- WHAT IS REQUIRED
An image-free, verbatim transcription of the records is the expected result.

- EXCERPTED DATA
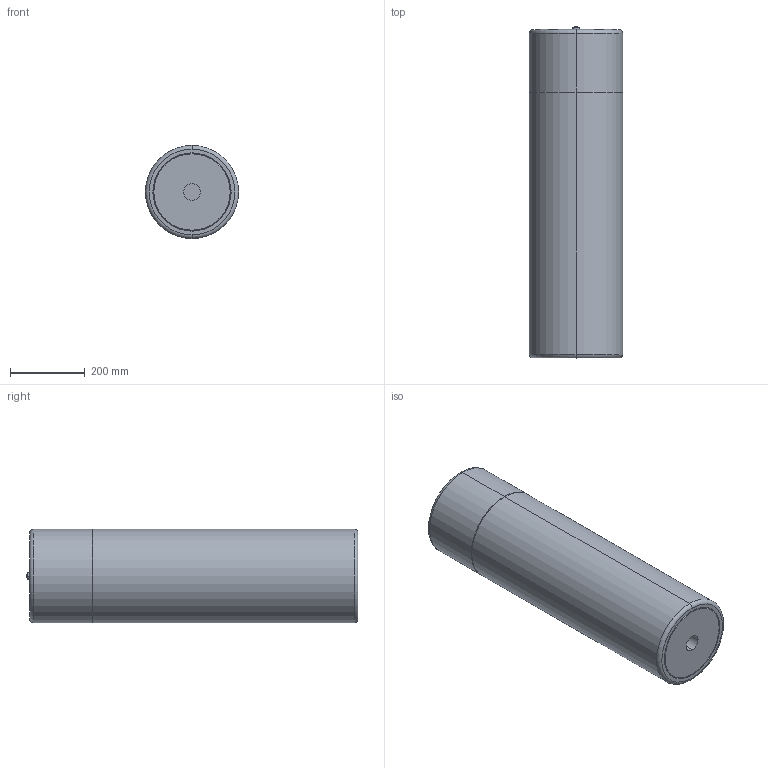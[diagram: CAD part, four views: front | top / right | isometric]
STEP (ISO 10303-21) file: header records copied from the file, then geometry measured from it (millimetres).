
FILE_DESCRIPTION (( 'STEP AP214' ), '1' );
FILE_NAME ('U200A01X1-PC.STEP', '2025-04-10T10:37:34', ( '' ), ( '' ), 'SwSTEP 2.0', 'SolidWorks 2024', '' );
FILE_SCHEMA (( 'AUTOMOTIVE_DESIGN' ));
Length unit declared in the file: millimetre
Products named in the file (1): U200A01X1-PC
Bounding box: 250 x 890.48 x 250 mm (x, y, z)
Volume: 43090314 mm3; surface area: 800655.7 mm2
Topology: 3 solids, 3 shells, 114 faces, 246 edges, 142 vertices
Faces by surface type: cylinder 38, plane 32, cone 30, torus 14
Entity records: 4377 total; most frequent: CARTESIAN_POINT 593, DIRECTION 588, ORIENTED_EDGE 484, AXIS2_PLACEMENT_3D 245, EDGE_CURVE 242, VERTEX_POINT 142, CIRCLE 130, EDGE_LOOP 130

- FINISHED EXERCISE
[diagram: CAD part, four views: front | top / right | isometric]
STEP (ISO 10303-21) file: header records copied from the file, then geometry measured from it (millimetres).
FILE_DESCRIPTION (( 'STEP AP214' ), '1' );
FILE_NAME ('U200A01X1-PC.STEP', '2025-04-10T10:37:34', ( '' ), ( '' ), 'SwSTEP 2.0', 'SolidWorks 2024', '' );
FILE_SCHEMA (( 'AUTOMOTIVE_DESIGN' ));
Length unit declared in the file: millimetre
Products named in the file (1): U200A01X1-PC
Bounding box: 250 x 890.48 x 250 mm (x, y, z)
Volume: 43090314 mm3; surface area: 800655.7 mm2
Topology: 3 solids, 3 shells, 114 faces, 246 edges, 142 vertices
Faces by surface type: cylinder 38, plane 32, cone 30, torus 14
Entity records: 4377 total; most frequent: CARTESIAN_POINT 593, DIRECTION 588, ORIENTED_EDGE 484, AXIS2_PLACEMENT_3D 245, EDGE_CURVE 242, VERTEX_POINT 142, CIRCLE 130, EDGE_LOOP 130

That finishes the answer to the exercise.